Il y a de nombreux dispositifs. L’idée est également de continuer les sculptures monumentales. Nous en avons cinq, Suzanne-Lenglen et les Mousquetaires. Il y a le projet de réaliser une sculpture de Roland Garros, l’homme, l’aviateur. Elle sera située sur le parvis de la nouvelle entrée. Pas seulement pour les aficionados du stade, mais aussi pour les autres visiteurs qui en passant devant le stade pourront, enfin, comprendre pourquoi il se nomme ainsi. Il y a également l’édification d’une statue pour Rafael Nadal, après sa décima. Cela peut également se manifester par un parcours des légendes, retrouver le palmarès, que nous allons perdre avec la disparition du court n°1, avec une sorte de walk of fame, permettant de retrouver ce palmarès dans un parcours au sein du stade. Cela va être l’occasion de marquer différents espaces privés, comme des salons (dédiées aux hospitalités) auxquels un aspect muséologique sera apporté, mais aussi retrouver un grand espace culturel qui soit le centre de la représentation du mouvement, à la place de l’actuel Musée de la FTT, qui va être totalement réaménagé.

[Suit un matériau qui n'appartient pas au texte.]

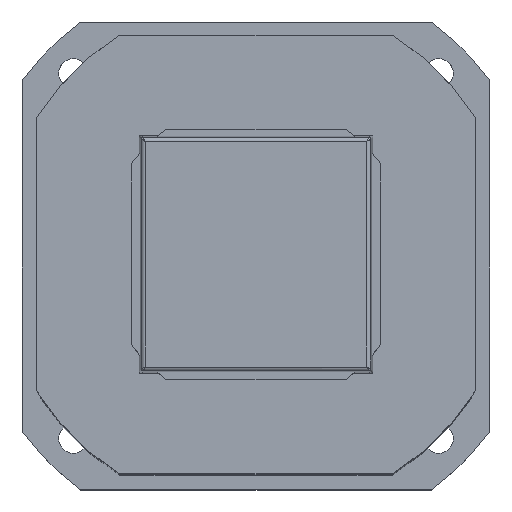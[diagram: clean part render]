
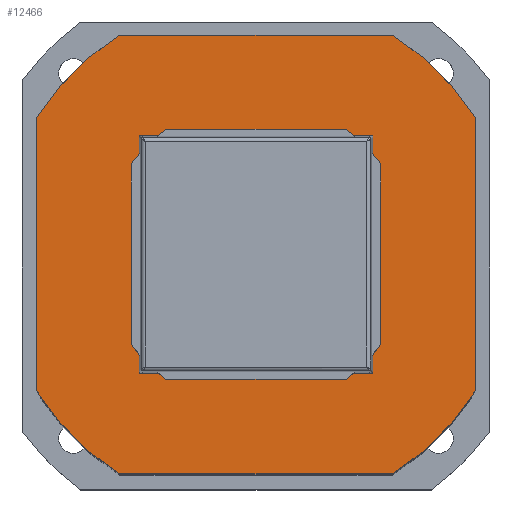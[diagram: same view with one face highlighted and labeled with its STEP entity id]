
A CAD part, top view. The second image highlights one B-rep face of the part: STEP entity #12466.
In plain terms, the highlighted planar face has unit normal (0, 0, 1).
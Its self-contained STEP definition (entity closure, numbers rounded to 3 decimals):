
#3436=CIRCLE('',#13706,132.5);
#3438=CIRCLE('',#13710,132.5);
#3440=CIRCLE('',#13714,132.5);
#3442=CIRCLE('',#13720,132.5);
#4076=VERTEX_POINT('',#17099);
#4077=VERTEX_POINT('',#17101);
#4079=VERTEX_POINT('',#17107);
#4081=VERTEX_POINT('',#17113);
#4083=VERTEX_POINT('',#17119);
#4085=VERTEX_POINT('',#17125);
#4087=VERTEX_POINT('',#17131);
#4089=VERTEX_POINT('',#17137);
#5164=LINE('',#17108,#14995);
#5168=LINE('',#17120,#14999);
#5172=LINE('',#17132,#15003);
#5174=LINE('',#17136,#15005);
#6107=EDGE_CURVE('',#4077,#4076,#3436,.T.);
#6111=EDGE_CURVE('',#4076,#4079,#5164,.T.);
#6114=EDGE_CURVE('',#4079,#4081,#3438,.T.);
#6117=EDGE_CURVE('',#4081,#4083,#5168,.T.);
#6120=EDGE_CURVE('',#4083,#4085,#3440,.T.);
#6123=EDGE_CURVE('',#4085,#4087,#5172,.T.);
#6125=EDGE_CURVE('',#4089,#4077,#5174,.T.);
#6128=EDGE_CURVE('',#4087,#4089,#3442,.T.);
#7926=ORIENTED_EDGE('',*,*,#6123,.T.);
#7927=ORIENTED_EDGE('',*,*,#6128,.T.);
#7928=ORIENTED_EDGE('',*,*,#6125,.T.);
#7929=ORIENTED_EDGE('',*,*,#6107,.T.);
#7930=ORIENTED_EDGE('',*,*,#6111,.T.);
#7931=ORIENTED_EDGE('',*,*,#6114,.T.);
#7932=ORIENTED_EDGE('',*,*,#6117,.T.);
#7933=ORIENTED_EDGE('',*,*,#6120,.T.);
#10743=EDGE_LOOP('',(#7926,#7927,#7928,#7929,#7930,#7931,#7932,#7933));
#11621=FACE_BOUND('',#10743,.T.);
#12466=ADVANCED_FACE('',(#11621),#15831,.T.);
#13706=AXIS2_PLACEMENT_3D('',#17100,#23309,#23310);
#13710=AXIS2_PLACEMENT_3D('',#17114,#23321,#23322);
#13714=AXIS2_PLACEMENT_3D('',#17126,#23332,#23333);
#13720=AXIS2_PLACEMENT_3D('',#17142,#23347,#23348);
#13721=AXIS2_PLACEMENT_3D('',#17143,#23349,$);
#14995=VECTOR('',#23315,1.);
#14999=VECTOR('',#23326,1.);
#15003=VECTOR('',#23337,1.);
#15005=VECTOR('',#23340,1.);
#15831=PLANE('',#13721);
#17099=CARTESIAN_POINT('',(-70.,-112.5,0.));
#17100=CARTESIAN_POINT('',(0.,0.,0.));
#17101=CARTESIAN_POINT('',(-112.5,-70.,0.));
#17107=CARTESIAN_POINT('',(70.,-112.5,0.));
#17108=CARTESIAN_POINT('',(-70.,-112.5,0.));
#17113=CARTESIAN_POINT('',(112.5,-70.,0.));
#17114=CARTESIAN_POINT('',(0.,0.,0.));
#17119=CARTESIAN_POINT('',(112.5,70.,0.));
#17120=CARTESIAN_POINT('',(112.5,-70.,0.));
#17125=CARTESIAN_POINT('',(70.,112.5,0.));
#17126=CARTESIAN_POINT('',(0.,0.,0.));
#17131=CARTESIAN_POINT('',(-70.,112.5,0.));
#17132=CARTESIAN_POINT('',(70.,112.5,0.));
#17136=CARTESIAN_POINT('',(-112.5,70.,0.));
#17137=CARTESIAN_POINT('',(-112.5,70.,0.));
#17142=CARTESIAN_POINT('',(0.,0.,0.));
#17143=CARTESIAN_POINT('',(0.,0.,0.));
#23309=DIRECTION('',(0.,0.,1.));
#23310=DIRECTION('',(132.5,0.,0.));
#23315=DIRECTION('',(1.,0.,0.));
#23321=DIRECTION('',(0.,0.,1.));
#23322=DIRECTION('',(132.5,0.,0.));
#23326=DIRECTION('',(0.,1.,0.));
#23332=DIRECTION('',(0.,0.,1.));
#23333=DIRECTION('',(132.5,0.,0.));
#23337=DIRECTION('',(-1.,0.,0.));
#23340=DIRECTION('',(0.,-1.,0.));
#23347=DIRECTION('',(0.,0.,1.));
#23348=DIRECTION('',(132.5,0.,0.));
#23349=DIRECTION('',(0.,0.,1.));

Un espace dédié à l’image, aux productions en 3 D, aux images d’archives, mais aussi un lieu pouvant accueillir différentes expositions.

 

« Nous allons pouvoir avoir un stade très chaleureux. Nous devrions trouver grâce à cela un nouvel esprit, un nouvel élan »

L’entrée de l’actuel Musée de la FFT, s’effectue dans l’ancien bâtiment du jardinier du stade Roland-Garros. C’est l’un des rares bâtiments dits historiques conservé…
Ce sont des traces de l’époque des Mousquetaires, celle des années 1930. C’est intéressant et important de conserver quelques marques historiques dans le stade, bien qu’aujourd’hui il n’y ait plus dans le nouveau Roland-Garros de trace de béton de l’époque des Mousquetaires.

 

À Wimbledon, bien que cela soit un autre style, un autre site, il semblerait que ce club arrive à un peu mieux cultivé cet aspect historique, en son sein. Allez-vous vous inspirer de ce qui peut être fait ailleurs et notamment là-bas ?
Les deux stades sont comparables dans la mesure où ils sont les deux stades, des tournois du Grand Chelem, qui soient restés sur leur site historique. Les Anglais ont l’avantage de disposer d’un peu plus de superficie que Roland-Garros, mais l’approche est vraiment différente. Nous ne pouvons pas nous inspirer de ce qu’on fait les Anglais, dans la mesure où ils ont travaillé dans un grand laps de temps et court par court. À Roland-Garros, le stade est revu dans son ensemble, avec une organisation spatiale qui est différente. Je crois que nous avons notre identité, nos spécificités. Dans ce nouveau Roland-Garros nous allons avoir un espace beaucoup plus ouvert, plus vivant, avec une végétation assez importante… Il me semble que nous allons pouvoir avoir un stade très chaleureux. Nous devrions trouver grâce à cela un nouvel esprit, un nouvel élan à Roland-Garros.

 

Vito Tongiani avait notamment réalisé les statues des Mousquetaires. Savez-vous qui va se charger de la réalisation de celle de Roland Garros et celle de Rafael Nadal ?
Je n’ai pas encore un nom, je peux pas vous donner un scoop (sourire) car nous consultons actuellement un certain nombre de constructeurs dans une phase préalable aux réalisations. Afin de savoir, avec le cahier des charges sur lequel nous travaillons, quels sont ceux qui seraient les plus à même à les réaliser et les plus motivés par le sujet. Après avoir reçu des notes d’intention des artistes, je pense qu’au moment du tournoi, nous pourrons évoquer les artistes pressentis pour la réalisation de ces statues monumentales.

 

Propos recueillis par E-A à Paris le 20 mars 2018.